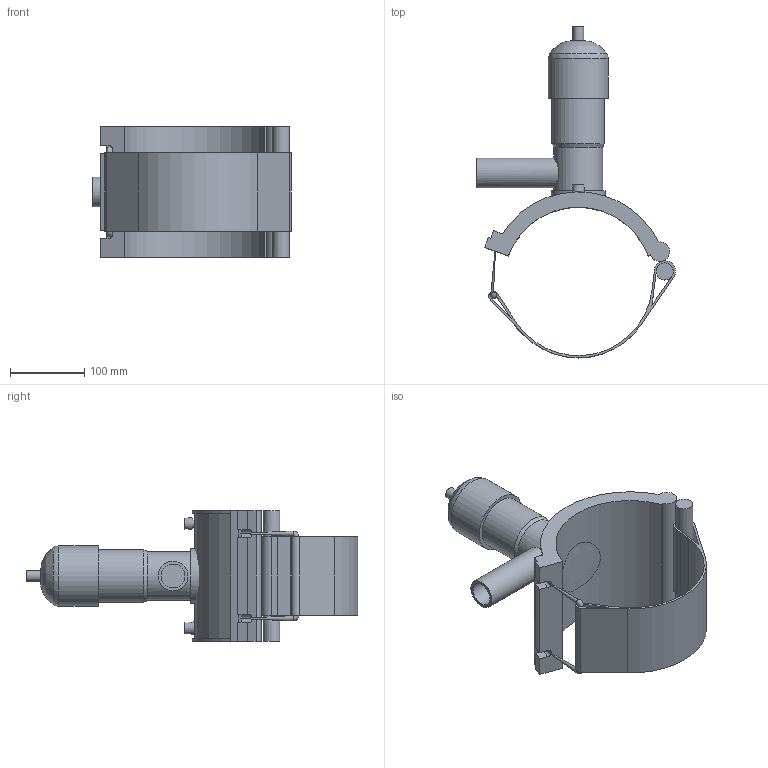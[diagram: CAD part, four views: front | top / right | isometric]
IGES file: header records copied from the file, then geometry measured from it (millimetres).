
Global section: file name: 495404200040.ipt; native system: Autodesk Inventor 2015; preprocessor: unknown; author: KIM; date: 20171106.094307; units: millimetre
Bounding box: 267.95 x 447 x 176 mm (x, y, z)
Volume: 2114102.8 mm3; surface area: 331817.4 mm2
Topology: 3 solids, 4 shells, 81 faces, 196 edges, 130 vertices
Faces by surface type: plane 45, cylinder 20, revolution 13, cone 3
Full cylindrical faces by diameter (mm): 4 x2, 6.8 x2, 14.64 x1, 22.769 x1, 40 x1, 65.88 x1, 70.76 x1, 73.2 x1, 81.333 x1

========================================================================

◆ **Activity**
Copy each record exactly. Leave any images out of the copy.

◆ **Problem solution**
[diagram: CAD part, four views: front | top / right | isometric]
IGES file: header records copied from the file, then geometry measured from it (millimetres).
Global section: file name: 495404200040.ipt; native system: Autodesk Inventor 2015; preprocessor: unknown; author: KIM; date: 20171106.094307; units: millimetre
Bounding box: 267.95 x 447 x 176 mm (x, y, z)
Volume: 2114102.8 mm3; surface area: 331817.4 mm2
Topology: 3 solids, 4 shells, 81 faces, 196 edges, 130 vertices
Faces by surface type: plane 45, cylinder 20, revolution 13, cone 3
Full cylindrical faces by diameter (mm): 4 x2, 6.8 x2, 14.64 x1, 22.769 x1, 40 x1, 65.88 x1, 70.76 x1, 73.2 x1, 81.333 x1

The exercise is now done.